By UATeam in AWS

AWS Organizations Account Management Example: A Comprehensive Guide

AWS Organizations simplifies account management for businesses operating across multiple AWS accounts. It allows centralized governance, billing, and resource sharing, enabling streamlined account management and compliance.

This article demonstrates how to use AWS Organizations for account management, including creating an organization, adding accounts, and applying service control policies (SCPs).

What Is AWS Organizations?

AWS Organizations is a service that enables:

  • Centralized Account Management: Organize and manage multiple AWS accounts under a single structure.
  • Consolidated Billing: Manage all accounts' billing from a single payer account.
  • Service Control Policies (SCPs): Apply permissions at an organizational level to enforce compliance.
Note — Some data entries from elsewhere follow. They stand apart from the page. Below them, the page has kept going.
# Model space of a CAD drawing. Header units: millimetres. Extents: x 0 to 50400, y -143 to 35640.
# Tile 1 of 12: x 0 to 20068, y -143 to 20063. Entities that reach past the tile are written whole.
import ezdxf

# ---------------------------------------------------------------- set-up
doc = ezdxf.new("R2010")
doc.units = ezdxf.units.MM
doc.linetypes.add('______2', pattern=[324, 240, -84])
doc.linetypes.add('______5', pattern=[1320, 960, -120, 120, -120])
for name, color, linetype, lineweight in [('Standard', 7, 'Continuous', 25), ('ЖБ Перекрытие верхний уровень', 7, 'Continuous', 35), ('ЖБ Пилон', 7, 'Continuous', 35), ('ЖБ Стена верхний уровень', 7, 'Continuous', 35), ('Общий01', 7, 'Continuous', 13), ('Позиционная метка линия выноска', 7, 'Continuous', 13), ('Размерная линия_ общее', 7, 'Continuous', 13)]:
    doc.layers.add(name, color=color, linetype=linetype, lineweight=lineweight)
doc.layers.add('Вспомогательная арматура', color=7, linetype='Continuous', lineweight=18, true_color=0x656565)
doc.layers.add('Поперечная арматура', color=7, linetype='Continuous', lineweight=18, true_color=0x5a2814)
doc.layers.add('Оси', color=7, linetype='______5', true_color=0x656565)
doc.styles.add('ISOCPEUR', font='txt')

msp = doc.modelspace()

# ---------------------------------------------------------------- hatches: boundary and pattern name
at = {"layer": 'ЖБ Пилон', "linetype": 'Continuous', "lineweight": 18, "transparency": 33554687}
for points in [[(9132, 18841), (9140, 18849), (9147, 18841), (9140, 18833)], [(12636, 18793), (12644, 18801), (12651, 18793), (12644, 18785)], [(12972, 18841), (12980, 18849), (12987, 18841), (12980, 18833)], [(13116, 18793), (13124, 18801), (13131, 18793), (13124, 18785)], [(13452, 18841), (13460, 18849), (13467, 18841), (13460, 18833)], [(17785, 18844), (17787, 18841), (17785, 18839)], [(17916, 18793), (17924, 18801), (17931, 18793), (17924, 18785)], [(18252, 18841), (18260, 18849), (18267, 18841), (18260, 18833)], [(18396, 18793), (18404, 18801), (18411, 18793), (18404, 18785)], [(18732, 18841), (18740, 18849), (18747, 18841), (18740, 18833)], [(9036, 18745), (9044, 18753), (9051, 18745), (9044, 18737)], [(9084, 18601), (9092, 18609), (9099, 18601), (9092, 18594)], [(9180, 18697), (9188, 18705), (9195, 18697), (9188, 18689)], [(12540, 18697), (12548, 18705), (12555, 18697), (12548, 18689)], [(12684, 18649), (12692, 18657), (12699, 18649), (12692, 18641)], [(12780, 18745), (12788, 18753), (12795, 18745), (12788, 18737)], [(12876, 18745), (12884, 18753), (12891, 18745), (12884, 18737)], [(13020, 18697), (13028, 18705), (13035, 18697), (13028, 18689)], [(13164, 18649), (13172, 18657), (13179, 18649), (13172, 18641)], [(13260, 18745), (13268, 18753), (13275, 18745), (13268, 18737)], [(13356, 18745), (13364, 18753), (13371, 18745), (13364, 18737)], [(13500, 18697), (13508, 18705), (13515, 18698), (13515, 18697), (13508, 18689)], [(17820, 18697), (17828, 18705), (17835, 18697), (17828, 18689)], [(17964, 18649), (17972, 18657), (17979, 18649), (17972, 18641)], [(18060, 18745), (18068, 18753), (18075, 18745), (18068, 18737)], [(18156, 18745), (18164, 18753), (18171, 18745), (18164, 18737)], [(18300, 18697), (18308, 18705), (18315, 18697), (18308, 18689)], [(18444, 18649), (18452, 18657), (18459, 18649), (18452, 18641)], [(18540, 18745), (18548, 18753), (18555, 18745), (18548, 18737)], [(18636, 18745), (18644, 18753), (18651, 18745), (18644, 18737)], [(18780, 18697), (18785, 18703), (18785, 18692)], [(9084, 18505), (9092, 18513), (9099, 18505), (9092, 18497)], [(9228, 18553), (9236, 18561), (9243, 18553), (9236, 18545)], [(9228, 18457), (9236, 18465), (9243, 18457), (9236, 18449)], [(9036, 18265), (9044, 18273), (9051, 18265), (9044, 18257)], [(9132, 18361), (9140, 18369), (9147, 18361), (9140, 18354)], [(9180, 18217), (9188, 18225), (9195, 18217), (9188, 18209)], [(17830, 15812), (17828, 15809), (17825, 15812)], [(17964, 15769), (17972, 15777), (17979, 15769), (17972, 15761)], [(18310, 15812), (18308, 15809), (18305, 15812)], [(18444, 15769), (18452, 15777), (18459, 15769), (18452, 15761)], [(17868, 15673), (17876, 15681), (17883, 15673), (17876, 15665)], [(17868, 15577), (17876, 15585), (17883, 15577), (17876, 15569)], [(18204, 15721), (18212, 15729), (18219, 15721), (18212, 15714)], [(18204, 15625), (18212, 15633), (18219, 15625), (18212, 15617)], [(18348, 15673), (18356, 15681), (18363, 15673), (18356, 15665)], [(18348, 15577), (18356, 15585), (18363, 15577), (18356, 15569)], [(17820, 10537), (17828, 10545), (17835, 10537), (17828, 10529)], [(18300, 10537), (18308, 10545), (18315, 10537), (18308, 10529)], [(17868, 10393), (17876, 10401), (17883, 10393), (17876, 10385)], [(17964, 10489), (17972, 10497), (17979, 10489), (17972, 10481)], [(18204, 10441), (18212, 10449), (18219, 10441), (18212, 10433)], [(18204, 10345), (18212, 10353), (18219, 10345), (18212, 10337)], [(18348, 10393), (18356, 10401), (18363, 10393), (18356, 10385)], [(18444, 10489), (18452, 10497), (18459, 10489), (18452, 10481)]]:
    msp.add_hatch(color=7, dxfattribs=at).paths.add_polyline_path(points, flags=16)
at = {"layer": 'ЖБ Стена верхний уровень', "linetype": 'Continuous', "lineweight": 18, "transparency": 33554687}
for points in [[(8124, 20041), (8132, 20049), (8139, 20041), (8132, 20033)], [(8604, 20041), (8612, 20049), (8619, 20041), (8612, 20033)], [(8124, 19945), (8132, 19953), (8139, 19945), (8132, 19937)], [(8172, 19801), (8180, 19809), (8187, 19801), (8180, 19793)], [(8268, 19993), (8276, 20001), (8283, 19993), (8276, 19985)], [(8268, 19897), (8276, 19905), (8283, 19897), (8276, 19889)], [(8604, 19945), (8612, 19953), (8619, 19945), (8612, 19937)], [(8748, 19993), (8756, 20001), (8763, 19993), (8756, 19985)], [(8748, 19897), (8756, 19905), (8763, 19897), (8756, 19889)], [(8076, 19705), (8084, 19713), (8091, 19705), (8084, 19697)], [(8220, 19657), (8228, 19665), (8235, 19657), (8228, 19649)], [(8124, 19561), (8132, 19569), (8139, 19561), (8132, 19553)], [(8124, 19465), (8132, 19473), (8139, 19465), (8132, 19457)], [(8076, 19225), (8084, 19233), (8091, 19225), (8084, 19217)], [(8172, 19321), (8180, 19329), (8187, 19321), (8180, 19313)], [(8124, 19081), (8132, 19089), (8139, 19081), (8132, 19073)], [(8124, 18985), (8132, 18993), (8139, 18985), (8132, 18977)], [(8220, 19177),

AWS Organizations Account Management Example

Objective

We’ll:

  1. Create an AWS Organization.
  2. Add accounts to the organization.
  3. Use Organizational Units (OUs) to group accounts.
  4. Apply Service Control Policies (SCPs) to enforce security and compliance.

Step 1: Create an AWS Organization

  1. Log in to the AWS Management Console:
    • Ensure you are using the management account (formerly the payer account).
  2. Open AWS Organizations:
    • Navigate to AWS Organizations in the console.
  3. Create Organization:
    • Click Create Organization.
    • Choose Enable All Features for full functionality, including SCPs.

Step 2: Add AWS Accounts to the Organization

Option 1: Invite Existing Accounts

  1. In the AWS Organizations console, go to AccountsAdd AccountInvite Account.
  2. Enter the account ID or email address of the existing account.
  3. The invited account owner must accept the invitation via email or their AWS Management Console.

Option 2: Create a New Account

  1. In the AWS Organizations console, go to AccountsAdd AccountCreate Account.
  2. Enter:
    • Account Name: e.g., DevAccount.
    • Email Address: A unique email for the new account.
  3. Click Create to generate the new account.

Step 3: Group Accounts into Organizational Units (OUs)

  1. Create an OU:
    • Navigate to Organizational Units.
    • Click Create Organizational Unit and name it (e.g., Development or Production).
  2. Add Accounts to the OU:
    • Drag and drop accounts into the appropriate OU.

Organizational Units help apply policies and manage accounts as groups.

Step 4: Apply Service Control Policies (SCPs)

What Are SCPs?

Service Control Policies are guardrails that define what actions accounts can or cannot perform.

Example: Deny S3 Bucket Deletion

  1. Navigate to PoliciesService Control PoliciesCreate Policy.
  2. Save the policy and attach it to the desired OU or account.

Enter the following SCP JSON:

{
  "Version": "2012-10-17",
  "Statement": [
    {
      "Sid": "DenyS3Delete",
      "Effect": "Deny",
      "Action": "s3:DeleteBucket",
      "Resource": "*"
    }
  ]
}

Apply the SCP:

  • Select the target OU or account.
  • Go to the Policies tab → Attach Policy → Select your policy.

Step 5: Manage Billing with Consolidated Billing

  1. Access Billing Information:
    • In the management account, navigate to Billing Dashboard.
    • View consolidated billing for all member accounts.
  2. Set Up Cost Allocation Tags:
    • Enable cost allocation tags to track expenses by project or team.
  3. Use AWS Budgets:
    • Set budget alerts for individual accounts or OUs.

Step 6: Monitor and Govern Accounts

Enable AWS Config:

  • Use AWS Config to track resource changes and compliance across accounts.

Enable CloudTrail:

  • Centralize CloudTrail logs to monitor API activity in all accounts.

View Account Activity:

  • Use the AWS Organizations Activity page to view account invitations and changes.

Best Practices for AWS Organizations Account Management

  1. Use Separate Accounts for Workloads:
    • Isolate environments like development, testing, and production into different accounts.
  2. Apply SCPs Strategically:
    • Use SCPs to enforce security policies, such as restricting access to certain regions.
  3. Monitor Usage:
    • Use AWS CloudWatch and Cost Explorer to track account usage and optimize costs.
  4. Secure Management Account:
    • Limit access to the management account to prevent accidental misconfigurations.

Conclusion

AWS Organizations provides a powerful framework for managing multiple AWS accounts under a centralized structure. By following this example, you can streamline account creation, enforce governance using SCPs, and optimize costs with consolidated billing. AWS Organizations is essential for businesses looking to scale their cloud infrastructure securely and efficiently.